Consider a covariant/geometric action functional $$S[g, \ldots; V]~=~\int_V \! d^4~{\cal L} \tag{10}$$ over a spacetime region $V\subseteq M$, i.e. $S[g, \ldots; V]$ is independent of local coordinates, i.e. invariant under the groupoid $LCT(M)$. The action $$S[g, \ldots; V]~=~S[f^{\ast}g, \ldots; f^{-1}(V)] \tag{11}$$ is then also invariant under pullback with locally defined diffeomorphisms $f\in{\rm LocDiff}(M)$.
In summary, the symmetries of GR are:
- Pullbacks by the group ${\rm Diff}(M)$ of globally defined diffeomorhisms.
- Pullbacks by the groupoid ${\rm LocDiff}(M)$ of locally defined diffeomorphisms.

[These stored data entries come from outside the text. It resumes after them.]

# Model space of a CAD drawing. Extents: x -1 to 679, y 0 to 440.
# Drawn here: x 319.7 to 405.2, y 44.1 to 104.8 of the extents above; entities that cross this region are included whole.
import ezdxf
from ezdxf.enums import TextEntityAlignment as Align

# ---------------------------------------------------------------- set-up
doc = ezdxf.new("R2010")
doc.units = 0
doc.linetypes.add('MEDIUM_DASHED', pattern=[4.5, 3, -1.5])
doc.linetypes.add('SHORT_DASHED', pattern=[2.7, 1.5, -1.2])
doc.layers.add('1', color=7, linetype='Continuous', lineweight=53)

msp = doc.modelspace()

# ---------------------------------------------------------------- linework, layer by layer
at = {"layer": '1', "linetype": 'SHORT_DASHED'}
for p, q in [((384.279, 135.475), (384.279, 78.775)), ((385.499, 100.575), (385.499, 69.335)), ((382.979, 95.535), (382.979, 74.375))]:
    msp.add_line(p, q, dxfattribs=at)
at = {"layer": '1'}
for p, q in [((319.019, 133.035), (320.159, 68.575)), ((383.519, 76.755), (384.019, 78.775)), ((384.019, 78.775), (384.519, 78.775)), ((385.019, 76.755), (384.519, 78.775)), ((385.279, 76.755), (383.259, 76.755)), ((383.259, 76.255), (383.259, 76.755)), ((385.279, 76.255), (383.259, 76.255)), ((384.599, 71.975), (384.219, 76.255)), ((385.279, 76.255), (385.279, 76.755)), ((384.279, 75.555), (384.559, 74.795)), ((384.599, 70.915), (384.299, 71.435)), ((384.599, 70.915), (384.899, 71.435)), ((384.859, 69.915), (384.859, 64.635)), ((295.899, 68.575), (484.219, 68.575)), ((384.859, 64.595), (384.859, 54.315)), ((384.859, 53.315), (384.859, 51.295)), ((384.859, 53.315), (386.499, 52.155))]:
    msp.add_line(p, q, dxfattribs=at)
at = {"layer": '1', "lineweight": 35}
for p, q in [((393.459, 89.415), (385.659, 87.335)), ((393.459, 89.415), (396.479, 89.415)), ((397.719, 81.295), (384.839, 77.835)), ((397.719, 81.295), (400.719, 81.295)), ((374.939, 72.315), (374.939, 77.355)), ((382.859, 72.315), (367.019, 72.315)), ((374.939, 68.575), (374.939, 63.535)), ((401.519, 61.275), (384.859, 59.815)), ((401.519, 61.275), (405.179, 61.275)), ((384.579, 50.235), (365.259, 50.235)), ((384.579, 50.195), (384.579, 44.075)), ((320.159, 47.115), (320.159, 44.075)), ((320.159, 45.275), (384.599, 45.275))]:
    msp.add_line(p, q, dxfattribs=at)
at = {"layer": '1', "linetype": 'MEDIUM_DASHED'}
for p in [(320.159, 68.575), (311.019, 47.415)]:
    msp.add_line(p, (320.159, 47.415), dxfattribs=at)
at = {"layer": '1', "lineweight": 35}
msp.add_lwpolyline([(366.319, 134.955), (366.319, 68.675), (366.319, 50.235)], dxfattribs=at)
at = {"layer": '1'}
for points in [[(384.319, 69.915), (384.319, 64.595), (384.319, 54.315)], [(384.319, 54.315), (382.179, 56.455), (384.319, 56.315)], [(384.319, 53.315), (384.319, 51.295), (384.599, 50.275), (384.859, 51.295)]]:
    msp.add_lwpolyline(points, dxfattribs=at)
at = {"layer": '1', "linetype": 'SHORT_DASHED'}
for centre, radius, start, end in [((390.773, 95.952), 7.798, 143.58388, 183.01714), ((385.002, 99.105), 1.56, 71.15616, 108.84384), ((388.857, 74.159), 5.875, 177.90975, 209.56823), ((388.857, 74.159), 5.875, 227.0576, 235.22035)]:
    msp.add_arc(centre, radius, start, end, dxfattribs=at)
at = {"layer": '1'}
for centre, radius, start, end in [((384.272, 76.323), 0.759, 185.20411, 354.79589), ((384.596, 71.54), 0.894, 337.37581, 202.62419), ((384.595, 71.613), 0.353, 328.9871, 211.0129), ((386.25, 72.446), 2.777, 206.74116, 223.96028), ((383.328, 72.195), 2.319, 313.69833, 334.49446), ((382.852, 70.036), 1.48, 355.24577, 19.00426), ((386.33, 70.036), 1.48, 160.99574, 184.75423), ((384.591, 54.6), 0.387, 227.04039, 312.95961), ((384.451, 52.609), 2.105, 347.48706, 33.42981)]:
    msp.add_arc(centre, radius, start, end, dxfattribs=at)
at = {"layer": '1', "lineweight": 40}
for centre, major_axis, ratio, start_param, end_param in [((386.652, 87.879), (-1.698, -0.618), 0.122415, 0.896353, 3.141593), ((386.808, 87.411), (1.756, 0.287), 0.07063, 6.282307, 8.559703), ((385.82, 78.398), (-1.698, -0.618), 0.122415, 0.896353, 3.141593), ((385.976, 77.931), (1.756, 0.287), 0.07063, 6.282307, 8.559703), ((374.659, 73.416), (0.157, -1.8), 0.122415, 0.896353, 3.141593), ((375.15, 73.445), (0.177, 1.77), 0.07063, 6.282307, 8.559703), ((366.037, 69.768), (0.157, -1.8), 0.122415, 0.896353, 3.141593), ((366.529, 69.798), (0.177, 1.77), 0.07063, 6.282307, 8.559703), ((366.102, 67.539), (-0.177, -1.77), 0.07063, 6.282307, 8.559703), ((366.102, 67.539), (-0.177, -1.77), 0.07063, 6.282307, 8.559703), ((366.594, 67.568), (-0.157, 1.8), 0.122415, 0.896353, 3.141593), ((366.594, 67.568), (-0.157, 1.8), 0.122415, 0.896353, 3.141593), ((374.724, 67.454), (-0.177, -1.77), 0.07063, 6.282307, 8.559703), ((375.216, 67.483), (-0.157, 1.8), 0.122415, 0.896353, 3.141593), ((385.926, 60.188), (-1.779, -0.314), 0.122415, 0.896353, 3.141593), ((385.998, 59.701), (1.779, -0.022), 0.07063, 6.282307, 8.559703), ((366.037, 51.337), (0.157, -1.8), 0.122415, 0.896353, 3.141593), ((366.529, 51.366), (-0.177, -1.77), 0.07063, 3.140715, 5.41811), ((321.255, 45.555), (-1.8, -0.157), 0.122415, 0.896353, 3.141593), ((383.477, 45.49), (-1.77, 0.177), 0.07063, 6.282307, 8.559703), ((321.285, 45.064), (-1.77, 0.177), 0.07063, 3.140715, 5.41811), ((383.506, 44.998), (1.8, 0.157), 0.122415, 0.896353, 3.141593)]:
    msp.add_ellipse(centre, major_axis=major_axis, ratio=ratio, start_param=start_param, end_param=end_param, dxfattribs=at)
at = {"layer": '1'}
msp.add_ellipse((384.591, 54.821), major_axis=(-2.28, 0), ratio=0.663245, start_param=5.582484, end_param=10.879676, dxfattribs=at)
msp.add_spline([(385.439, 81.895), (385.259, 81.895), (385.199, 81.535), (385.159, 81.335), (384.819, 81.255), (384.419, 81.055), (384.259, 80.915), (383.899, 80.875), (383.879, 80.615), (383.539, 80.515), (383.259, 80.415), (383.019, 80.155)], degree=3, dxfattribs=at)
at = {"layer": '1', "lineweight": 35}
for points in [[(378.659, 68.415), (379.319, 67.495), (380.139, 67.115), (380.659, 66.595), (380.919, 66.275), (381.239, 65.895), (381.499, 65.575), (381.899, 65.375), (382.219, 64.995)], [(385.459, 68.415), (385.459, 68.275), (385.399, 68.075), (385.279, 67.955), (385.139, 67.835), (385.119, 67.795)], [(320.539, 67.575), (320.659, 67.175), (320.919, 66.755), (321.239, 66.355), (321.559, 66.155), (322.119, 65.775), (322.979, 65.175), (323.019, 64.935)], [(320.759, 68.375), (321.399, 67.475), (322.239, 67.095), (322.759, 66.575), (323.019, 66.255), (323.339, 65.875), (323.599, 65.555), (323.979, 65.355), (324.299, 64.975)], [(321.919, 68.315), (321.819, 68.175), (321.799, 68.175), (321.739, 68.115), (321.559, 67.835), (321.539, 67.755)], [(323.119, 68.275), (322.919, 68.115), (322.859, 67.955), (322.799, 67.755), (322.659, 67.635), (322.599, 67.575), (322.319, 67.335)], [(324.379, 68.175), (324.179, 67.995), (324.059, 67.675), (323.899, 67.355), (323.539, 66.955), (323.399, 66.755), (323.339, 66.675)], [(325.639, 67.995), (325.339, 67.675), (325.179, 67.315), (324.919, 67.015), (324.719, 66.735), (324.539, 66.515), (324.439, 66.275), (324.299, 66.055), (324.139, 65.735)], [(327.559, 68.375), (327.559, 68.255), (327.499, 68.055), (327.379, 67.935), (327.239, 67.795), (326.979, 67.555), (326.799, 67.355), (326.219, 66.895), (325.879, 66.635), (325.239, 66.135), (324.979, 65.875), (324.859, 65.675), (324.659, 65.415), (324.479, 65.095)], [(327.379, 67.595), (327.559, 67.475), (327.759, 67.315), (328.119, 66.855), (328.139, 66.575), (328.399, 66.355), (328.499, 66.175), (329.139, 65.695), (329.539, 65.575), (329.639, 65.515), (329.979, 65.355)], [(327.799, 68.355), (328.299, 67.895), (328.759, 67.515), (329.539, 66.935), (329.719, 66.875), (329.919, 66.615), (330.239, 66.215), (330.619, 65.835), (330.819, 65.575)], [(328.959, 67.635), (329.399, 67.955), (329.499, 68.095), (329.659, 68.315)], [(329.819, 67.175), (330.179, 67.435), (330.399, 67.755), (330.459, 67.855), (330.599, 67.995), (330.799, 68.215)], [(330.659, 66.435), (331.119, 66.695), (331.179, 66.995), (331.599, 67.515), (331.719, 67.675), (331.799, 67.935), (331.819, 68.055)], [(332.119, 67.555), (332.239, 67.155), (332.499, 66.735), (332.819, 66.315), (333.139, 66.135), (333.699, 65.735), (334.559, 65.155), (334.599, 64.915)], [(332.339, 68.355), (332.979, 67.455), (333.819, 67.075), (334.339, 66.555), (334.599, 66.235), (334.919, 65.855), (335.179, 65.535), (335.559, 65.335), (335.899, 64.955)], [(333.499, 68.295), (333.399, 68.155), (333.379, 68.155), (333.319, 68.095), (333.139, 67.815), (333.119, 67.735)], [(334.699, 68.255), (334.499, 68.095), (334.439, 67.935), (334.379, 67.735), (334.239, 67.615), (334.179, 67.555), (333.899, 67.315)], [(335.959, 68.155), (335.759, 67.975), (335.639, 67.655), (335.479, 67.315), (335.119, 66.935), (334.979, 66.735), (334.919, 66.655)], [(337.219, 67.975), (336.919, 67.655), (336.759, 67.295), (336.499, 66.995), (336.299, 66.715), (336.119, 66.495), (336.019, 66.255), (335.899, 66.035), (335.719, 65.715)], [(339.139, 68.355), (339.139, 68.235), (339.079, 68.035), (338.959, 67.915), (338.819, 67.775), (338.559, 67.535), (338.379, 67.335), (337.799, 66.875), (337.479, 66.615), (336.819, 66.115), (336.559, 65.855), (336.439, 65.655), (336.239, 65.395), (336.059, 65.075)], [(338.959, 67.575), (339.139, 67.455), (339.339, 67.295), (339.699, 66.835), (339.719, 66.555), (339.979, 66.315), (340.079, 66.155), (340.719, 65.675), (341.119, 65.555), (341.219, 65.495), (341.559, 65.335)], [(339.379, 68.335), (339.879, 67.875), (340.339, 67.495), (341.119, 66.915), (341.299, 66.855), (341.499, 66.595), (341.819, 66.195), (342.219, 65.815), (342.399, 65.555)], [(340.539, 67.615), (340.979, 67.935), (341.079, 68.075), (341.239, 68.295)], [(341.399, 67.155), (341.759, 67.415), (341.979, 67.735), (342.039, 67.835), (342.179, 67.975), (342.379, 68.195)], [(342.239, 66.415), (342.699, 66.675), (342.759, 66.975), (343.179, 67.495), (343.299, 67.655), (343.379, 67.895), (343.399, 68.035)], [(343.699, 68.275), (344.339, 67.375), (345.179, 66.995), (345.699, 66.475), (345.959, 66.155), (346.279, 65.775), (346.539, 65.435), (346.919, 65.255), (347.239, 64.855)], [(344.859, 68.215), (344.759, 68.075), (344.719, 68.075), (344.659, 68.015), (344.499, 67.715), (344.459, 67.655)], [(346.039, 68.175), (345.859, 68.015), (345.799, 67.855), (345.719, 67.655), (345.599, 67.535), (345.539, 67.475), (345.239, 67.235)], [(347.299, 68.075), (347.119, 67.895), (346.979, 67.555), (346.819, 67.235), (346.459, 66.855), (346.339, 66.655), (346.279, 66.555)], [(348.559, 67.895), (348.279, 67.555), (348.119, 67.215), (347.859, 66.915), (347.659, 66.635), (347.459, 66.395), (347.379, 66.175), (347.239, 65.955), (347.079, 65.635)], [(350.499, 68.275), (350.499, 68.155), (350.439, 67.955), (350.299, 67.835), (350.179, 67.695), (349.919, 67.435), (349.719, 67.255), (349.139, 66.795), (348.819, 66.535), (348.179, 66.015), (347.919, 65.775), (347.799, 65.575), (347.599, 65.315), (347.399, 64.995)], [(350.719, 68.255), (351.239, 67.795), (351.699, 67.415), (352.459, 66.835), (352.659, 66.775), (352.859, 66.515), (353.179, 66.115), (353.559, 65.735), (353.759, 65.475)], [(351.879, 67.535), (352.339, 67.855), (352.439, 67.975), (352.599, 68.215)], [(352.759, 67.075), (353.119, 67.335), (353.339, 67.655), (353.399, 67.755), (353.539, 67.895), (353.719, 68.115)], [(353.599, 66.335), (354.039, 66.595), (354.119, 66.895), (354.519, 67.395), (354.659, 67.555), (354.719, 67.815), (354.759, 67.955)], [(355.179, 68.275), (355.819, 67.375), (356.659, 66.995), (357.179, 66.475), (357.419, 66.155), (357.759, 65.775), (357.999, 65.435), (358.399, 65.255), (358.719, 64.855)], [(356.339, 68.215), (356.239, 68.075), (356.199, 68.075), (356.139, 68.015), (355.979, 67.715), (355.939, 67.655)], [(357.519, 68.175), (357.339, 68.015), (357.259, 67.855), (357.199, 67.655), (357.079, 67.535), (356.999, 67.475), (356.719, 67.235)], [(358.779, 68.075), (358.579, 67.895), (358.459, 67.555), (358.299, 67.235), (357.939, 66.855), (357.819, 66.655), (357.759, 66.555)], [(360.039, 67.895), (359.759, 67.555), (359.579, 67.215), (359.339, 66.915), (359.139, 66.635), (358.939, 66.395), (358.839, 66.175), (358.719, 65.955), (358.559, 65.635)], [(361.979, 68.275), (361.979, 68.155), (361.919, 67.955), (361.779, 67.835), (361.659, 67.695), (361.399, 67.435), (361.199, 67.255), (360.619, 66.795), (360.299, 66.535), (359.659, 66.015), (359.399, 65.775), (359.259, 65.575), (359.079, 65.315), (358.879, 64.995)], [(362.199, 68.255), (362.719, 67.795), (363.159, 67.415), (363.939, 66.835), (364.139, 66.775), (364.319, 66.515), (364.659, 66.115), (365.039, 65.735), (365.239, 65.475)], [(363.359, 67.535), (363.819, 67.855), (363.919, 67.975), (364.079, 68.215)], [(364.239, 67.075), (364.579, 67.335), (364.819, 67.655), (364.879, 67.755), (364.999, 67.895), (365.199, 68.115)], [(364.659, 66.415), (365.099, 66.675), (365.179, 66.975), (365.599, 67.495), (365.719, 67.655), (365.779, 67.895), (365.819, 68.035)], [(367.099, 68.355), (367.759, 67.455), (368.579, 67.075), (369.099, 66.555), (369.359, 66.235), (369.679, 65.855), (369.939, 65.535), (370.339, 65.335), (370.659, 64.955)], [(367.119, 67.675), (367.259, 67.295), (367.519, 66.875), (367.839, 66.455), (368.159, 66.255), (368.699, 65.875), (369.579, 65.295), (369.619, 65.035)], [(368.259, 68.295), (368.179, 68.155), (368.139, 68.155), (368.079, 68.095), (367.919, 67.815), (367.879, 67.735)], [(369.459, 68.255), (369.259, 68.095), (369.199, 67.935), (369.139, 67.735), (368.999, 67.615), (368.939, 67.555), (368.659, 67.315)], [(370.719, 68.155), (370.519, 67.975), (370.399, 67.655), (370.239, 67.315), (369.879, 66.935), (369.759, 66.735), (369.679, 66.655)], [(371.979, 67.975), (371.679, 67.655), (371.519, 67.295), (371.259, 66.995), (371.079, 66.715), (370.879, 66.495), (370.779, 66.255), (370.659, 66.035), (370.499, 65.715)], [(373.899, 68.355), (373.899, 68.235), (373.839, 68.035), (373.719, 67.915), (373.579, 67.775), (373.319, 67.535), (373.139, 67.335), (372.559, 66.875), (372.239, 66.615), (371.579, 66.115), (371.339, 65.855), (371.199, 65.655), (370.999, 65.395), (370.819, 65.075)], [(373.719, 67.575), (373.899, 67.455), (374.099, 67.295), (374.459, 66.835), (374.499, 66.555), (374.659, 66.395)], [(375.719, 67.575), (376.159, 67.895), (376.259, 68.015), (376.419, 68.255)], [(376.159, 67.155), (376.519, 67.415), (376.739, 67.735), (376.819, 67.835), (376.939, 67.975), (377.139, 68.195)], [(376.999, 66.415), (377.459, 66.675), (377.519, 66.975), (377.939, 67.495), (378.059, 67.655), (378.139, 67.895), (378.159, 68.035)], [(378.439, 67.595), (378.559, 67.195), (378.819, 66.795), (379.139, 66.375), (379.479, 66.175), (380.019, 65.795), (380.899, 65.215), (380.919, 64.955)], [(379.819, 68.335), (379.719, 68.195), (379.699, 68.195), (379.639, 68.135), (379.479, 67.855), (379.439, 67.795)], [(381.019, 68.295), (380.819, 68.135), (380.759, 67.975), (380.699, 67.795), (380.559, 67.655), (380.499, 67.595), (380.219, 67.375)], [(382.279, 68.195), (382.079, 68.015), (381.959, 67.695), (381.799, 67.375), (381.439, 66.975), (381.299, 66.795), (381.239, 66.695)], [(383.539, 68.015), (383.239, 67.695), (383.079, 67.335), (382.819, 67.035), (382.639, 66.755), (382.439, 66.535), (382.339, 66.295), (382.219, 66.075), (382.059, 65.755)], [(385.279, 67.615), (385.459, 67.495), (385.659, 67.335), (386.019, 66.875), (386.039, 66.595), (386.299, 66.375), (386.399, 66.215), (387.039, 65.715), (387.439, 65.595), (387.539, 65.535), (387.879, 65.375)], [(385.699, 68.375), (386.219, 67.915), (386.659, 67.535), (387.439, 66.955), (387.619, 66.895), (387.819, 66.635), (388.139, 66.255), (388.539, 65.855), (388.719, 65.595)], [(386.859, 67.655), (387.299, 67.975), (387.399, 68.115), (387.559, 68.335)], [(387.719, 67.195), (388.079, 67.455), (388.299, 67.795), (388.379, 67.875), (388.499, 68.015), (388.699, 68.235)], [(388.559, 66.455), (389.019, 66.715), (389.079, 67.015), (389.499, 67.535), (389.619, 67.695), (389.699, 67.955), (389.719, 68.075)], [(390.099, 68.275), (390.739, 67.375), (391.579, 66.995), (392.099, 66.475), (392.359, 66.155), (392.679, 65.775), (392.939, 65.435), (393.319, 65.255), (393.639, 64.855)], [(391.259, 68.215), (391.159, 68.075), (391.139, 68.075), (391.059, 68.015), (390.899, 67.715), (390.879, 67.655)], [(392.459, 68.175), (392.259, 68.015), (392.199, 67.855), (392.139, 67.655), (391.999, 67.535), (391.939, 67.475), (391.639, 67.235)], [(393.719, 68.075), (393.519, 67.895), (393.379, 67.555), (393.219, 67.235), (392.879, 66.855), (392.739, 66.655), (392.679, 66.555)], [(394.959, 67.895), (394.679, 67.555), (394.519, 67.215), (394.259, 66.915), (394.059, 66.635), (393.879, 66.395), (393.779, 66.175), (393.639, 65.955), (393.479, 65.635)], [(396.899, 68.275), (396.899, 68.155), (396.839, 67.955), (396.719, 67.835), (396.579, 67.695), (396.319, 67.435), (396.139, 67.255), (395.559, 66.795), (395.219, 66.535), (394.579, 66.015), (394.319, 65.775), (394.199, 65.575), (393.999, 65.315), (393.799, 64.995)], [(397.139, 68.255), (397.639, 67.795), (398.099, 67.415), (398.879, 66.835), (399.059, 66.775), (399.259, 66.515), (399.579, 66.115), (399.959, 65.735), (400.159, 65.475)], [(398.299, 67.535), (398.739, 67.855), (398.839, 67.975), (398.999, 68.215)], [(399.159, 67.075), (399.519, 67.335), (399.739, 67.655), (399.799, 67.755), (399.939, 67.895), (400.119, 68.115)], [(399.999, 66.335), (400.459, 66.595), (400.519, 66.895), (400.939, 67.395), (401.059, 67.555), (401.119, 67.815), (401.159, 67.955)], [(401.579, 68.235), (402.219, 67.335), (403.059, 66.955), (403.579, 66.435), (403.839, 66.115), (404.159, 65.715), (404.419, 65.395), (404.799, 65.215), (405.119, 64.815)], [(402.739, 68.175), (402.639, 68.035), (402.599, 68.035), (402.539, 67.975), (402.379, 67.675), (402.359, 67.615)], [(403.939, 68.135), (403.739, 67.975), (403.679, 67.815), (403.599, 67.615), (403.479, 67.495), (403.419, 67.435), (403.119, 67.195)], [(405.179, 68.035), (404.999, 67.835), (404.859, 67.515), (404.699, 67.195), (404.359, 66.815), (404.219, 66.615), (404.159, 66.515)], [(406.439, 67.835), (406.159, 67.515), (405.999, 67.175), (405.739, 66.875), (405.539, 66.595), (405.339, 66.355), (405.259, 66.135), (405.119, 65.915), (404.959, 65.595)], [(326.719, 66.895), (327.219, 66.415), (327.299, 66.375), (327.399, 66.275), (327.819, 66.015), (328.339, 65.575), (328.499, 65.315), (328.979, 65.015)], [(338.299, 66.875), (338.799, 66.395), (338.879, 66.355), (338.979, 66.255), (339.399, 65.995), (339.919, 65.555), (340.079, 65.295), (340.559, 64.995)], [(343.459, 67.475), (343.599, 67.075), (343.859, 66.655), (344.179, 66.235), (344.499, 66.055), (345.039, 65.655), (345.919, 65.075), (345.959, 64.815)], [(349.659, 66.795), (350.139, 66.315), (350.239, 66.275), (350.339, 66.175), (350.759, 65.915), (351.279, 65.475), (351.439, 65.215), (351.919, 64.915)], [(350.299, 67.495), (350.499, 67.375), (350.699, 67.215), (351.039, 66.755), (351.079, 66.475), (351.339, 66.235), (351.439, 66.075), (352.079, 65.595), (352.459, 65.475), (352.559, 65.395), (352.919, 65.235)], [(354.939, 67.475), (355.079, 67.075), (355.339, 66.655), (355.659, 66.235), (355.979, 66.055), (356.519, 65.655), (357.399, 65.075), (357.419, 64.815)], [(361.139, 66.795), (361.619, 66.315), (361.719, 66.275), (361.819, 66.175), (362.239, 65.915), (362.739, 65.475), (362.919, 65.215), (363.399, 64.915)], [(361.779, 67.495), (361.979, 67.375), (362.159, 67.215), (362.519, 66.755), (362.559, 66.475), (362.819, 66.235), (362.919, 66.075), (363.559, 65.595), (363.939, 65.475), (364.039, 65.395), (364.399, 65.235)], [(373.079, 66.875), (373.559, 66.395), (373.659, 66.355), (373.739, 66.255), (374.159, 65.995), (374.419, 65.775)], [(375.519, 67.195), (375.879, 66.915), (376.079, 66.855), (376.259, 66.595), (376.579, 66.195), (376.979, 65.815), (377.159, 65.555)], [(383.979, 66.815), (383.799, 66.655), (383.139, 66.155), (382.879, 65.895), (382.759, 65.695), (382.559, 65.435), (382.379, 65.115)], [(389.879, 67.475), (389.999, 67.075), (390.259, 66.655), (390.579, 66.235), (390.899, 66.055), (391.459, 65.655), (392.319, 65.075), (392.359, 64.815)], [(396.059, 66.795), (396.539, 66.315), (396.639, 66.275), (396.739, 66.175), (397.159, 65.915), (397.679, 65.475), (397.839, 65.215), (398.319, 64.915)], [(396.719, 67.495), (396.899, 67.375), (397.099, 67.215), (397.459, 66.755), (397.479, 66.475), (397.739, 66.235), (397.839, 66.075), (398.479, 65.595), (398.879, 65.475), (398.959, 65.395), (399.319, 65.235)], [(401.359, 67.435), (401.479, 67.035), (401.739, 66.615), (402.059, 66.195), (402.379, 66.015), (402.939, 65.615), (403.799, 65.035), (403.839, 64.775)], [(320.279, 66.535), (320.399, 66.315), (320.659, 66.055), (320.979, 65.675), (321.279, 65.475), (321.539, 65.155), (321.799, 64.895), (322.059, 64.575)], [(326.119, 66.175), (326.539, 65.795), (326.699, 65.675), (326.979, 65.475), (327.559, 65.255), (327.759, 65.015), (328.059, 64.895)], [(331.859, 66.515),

- The groupoid $LCT(M)$ of local coordinate transformations, and
- The local $SO(3,1;\mathbb{R})$ Lorentz transformations (9) of the tetrads/vierbeins.
--
$^1$ In most of this answer, we shall use the language of a differential geometer where e.g. a point/spacetime-event $p\in M$ or, say, a worldline have an absolute geometric meaning. However, the reader should keep in mind that a relativist would say that two physical situations which differ by an active global diffeomorphism are physically equivalent/indistinguishable, and hence a point/spacetime-event $p\in M$ does only have an relative geometric meaning.
$^2$ Conventions: Greek indices $\mu,\nu,\lambda, \ldots,$ are so-called curved indices, while Roman indices $a,b,c, \ldots,$ are so-called flat indices.
A very good answer to the above question has already been provided here, where Marek summarises the differences between the symmetry group of a theory and the groups of coordinates transformations leaving the equations invariant.
In a nutshell (but it is more complex) let $f\colon U\to V$ be any coordinates transformation on charts of a manifold $U,V\subset\mathcal{M}$ (i. e. a change of coordinates). Under such transformation fields $\phi(x)$ are sent into $\phi'(f(x)) = S(x)\phi(x)$.
In order the equations of motion to be satisfied, one must require certain appropriate conditions on the factor $S(x)$ (in particular one can see that these could be related to the representations of the underlying group of transformations $f$). The set of all allowed operators $S(x)$ defines the symmetry group of the theory for the general mapping $f$ as defined above. In the case of general relativity $f$ are the diffeomorphisms and $S(x)$ span the general linear group (up to isomorphisms and cartesian products).